(The task) Without including any image, repeat every record exactly.

(Items from a data source)
======

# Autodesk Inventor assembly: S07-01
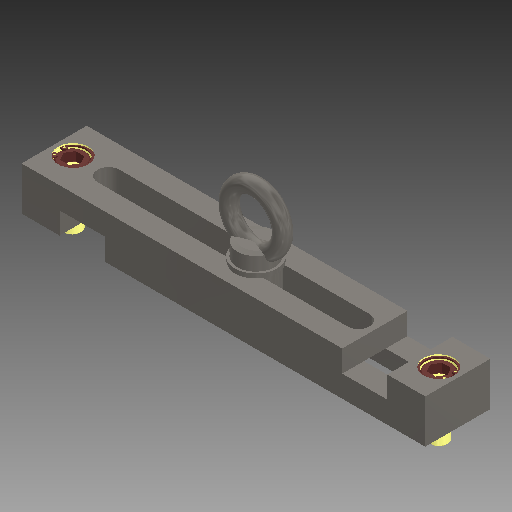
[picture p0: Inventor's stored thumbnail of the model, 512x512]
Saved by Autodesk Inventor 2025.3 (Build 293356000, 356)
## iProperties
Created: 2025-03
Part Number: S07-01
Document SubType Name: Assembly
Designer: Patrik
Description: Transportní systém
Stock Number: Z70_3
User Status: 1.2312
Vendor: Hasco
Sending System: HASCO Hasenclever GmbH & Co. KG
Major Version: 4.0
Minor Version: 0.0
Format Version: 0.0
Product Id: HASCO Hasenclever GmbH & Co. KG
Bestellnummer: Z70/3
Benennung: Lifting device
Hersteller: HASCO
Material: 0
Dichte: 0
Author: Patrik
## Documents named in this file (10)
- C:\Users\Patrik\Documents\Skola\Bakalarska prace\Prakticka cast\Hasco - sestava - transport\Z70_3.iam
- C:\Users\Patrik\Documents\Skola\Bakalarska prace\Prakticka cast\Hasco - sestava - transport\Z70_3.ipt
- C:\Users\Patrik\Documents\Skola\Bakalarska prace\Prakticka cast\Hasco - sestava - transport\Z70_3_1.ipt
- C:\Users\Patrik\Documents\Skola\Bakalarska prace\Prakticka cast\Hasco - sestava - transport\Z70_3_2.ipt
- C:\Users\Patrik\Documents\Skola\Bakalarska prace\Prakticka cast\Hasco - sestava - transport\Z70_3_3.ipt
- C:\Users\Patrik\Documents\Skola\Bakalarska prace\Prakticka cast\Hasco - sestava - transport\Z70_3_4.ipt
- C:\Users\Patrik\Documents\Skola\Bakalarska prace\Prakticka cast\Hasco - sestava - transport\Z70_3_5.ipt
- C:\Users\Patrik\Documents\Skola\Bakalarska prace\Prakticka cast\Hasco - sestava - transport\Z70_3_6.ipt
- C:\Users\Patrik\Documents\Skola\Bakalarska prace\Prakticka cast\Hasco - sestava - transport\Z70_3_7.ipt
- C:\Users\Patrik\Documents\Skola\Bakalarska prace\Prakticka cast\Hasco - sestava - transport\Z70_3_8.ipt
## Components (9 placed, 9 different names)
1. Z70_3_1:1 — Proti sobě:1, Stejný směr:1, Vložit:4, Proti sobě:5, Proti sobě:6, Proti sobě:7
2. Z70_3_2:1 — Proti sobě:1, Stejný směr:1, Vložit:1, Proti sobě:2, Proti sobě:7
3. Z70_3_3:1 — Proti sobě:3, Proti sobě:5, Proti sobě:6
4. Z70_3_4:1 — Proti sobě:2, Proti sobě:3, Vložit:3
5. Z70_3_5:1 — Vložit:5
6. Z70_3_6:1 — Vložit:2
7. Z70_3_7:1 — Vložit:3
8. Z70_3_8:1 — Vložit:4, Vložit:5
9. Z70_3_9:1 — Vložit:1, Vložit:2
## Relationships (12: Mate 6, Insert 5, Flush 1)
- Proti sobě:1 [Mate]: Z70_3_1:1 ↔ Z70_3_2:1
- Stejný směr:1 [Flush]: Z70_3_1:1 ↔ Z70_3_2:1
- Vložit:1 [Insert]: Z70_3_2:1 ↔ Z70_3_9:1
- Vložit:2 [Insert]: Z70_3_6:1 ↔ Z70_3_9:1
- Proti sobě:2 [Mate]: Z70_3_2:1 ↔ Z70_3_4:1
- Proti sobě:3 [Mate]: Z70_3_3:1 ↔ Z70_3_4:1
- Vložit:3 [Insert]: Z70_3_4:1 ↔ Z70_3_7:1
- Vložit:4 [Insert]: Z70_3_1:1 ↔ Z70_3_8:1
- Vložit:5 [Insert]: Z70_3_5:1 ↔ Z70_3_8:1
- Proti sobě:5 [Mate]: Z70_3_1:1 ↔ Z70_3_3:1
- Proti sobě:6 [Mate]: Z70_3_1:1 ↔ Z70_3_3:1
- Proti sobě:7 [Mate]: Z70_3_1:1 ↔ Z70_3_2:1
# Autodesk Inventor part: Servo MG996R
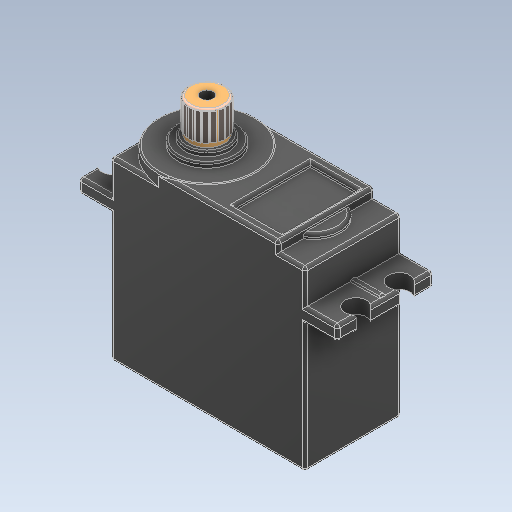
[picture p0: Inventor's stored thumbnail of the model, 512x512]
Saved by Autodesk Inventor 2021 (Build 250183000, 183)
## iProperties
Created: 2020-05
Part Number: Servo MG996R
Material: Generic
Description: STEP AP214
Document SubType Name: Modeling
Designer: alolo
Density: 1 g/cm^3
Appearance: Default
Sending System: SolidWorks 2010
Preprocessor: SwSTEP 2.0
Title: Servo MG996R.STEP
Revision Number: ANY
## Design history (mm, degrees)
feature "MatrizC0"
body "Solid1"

======

(Exercise output)
# Autodesk Inventor assembly: S07-01
[picture p0: Inventor's stored thumbnail of the model, 512x512]
Saved by Autodesk Inventor 2025.3 (Build 293356000, 356)
## iProperties
Created: 2025-03
Part Number: S07-01
Document SubType Name: Assembly
Designer: Patrik
Description: Transportní systém
Stock Number: Z70_3
User Status: 1.2312
Vendor: Hasco
Sending System: HASCO Hasenclever GmbH & Co. KG
Major Version: 4.0
Minor Version: 0.0
Format Version: 0.0
Product Id: HASCO Hasenclever GmbH & Co. KG
Bestellnummer: Z70/3
Benennung: Lifting device
Hersteller: HASCO
Material: 0
Dichte: 0
Author: Patrik
## Documents named in this file (10)
- C:\Users\Patrik\Documents\Skola\Bakalarska prace\Prakticka cast\Hasco - sestava - transport\Z70_3.iam
- C:\Users\Patrik\Documents\Skola\Bakalarska prace\Prakticka cast\Hasco - sestava - transport\Z70_3.ipt
- C:\Users\Patrik\Documents\Skola\Bakalarska prace\Prakticka cast\Hasco - sestava - transport\Z70_3_1.ipt
- C:\Users\Patrik\Documents\Skola\Bakalarska prace\Prakticka cast\Hasco - sestava - transport\Z70_3_2.ipt
- C:\Users\Patrik\Documents\Skola\Bakalarska prace\Prakticka cast\Hasco - sestava - transport\Z70_3_3.ipt
- C:\Users\Patrik\Documents\Skola\Bakalarska prace\Prakticka cast\Hasco - sestava - transport\Z70_3_4.ipt
- C:\Users\Patrik\Documents\Skola\Bakalarska prace\Prakticka cast\Hasco - sestava - transport\Z70_3_5.ipt
- C:\Users\Patrik\Documents\Skola\Bakalarska prace\Prakticka cast\Hasco - sestava - transport\Z70_3_6.ipt
- C:\Users\Patrik\Documents\Skola\Bakalarska prace\Prakticka cast\Hasco - sestava - transport\Z70_3_7.ipt
- C:\Users\Patrik\Documents\Skola\Bakalarska prace\Prakticka cast\Hasco - sestava - transport\Z70_3_8.ipt
## Components (9 placed, 9 different names)
1. Z70_3_1:1 — Proti sobě:1, Stejný směr:1, Vložit:4, Proti sobě:5, Proti sobě:6, Proti sobě:7
2. Z70_3_2:1 — Proti sobě:1, Stejný směr:1, Vložit:1, Proti sobě:2, Proti sobě:7
3. Z70_3_3:1 — Proti sobě:3, Proti sobě:5, Proti sobě:6
4. Z70_3_4:1 — Proti sobě:2, Proti sobě:3, Vložit:3
5. Z70_3_5:1 — Vložit:5
6. Z70_3_6:1 — Vložit:2
7. Z70_3_7:1 — Vložit:3
8. Z70_3_8:1 — Vložit:4, Vložit:5
9. Z70_3_9:1 — Vložit:1, Vložit:2
## Relationships (12: Mate 6, Insert 5, Flush 1)
- Proti sobě:1 [Mate]: Z70_3_1:1 ↔ Z70_3_2:1
- Stejný směr:1 [Flush]: Z70_3_1:1 ↔ Z70_3_2:1
- Vložit:1 [Insert]: Z70_3_2:1 ↔ Z70_3_9:1
- Vložit:2 [Insert]: Z70_3_6:1 ↔ Z70_3_9:1
- Proti sobě:2 [Mate]: Z70_3_2:1 ↔ Z70_3_4:1
- Proti sobě:3 [Mate]: Z70_3_3:1 ↔ Z70_3_4:1
- Vložit:3 [Insert]: Z70_3_4:1 ↔ Z70_3_7:1
- Vložit:4 [Insert]: Z70_3_1:1 ↔ Z70_3_8:1
- Vložit:5 [Insert]: Z70_3_5:1 ↔ Z70_3_8:1
- Proti sobě:5 [Mate]: Z70_3_1:1 ↔ Z70_3_3:1
- Proti sobě:6 [Mate]: Z70_3_1:1 ↔ Z70_3_3:1
- Proti sobě:7 [Mate]: Z70_3_1:1 ↔ Z70_3_2:1
# Autodesk Inventor part: Servo MG996R
[picture p0: Inventor's stored thumbnail of the model, 512x512]
Saved by Autodesk Inventor 2021 (Build 250183000, 183)
## iProperties
Created: 2020-05
Part Number: Servo MG996R
Material: Generic
Description: STEP AP214
Document SubType Name: Modeling
Designer: alolo
Density: 1 g/cm^3
Appearance: Default
Sending System: SolidWorks 2010
Preprocessor: SwSTEP 2.0
Title: Servo MG996R.STEP
Revision Number: ANY
## Design history (mm, degrees)
feature "MatrizC0"
body "Solid1"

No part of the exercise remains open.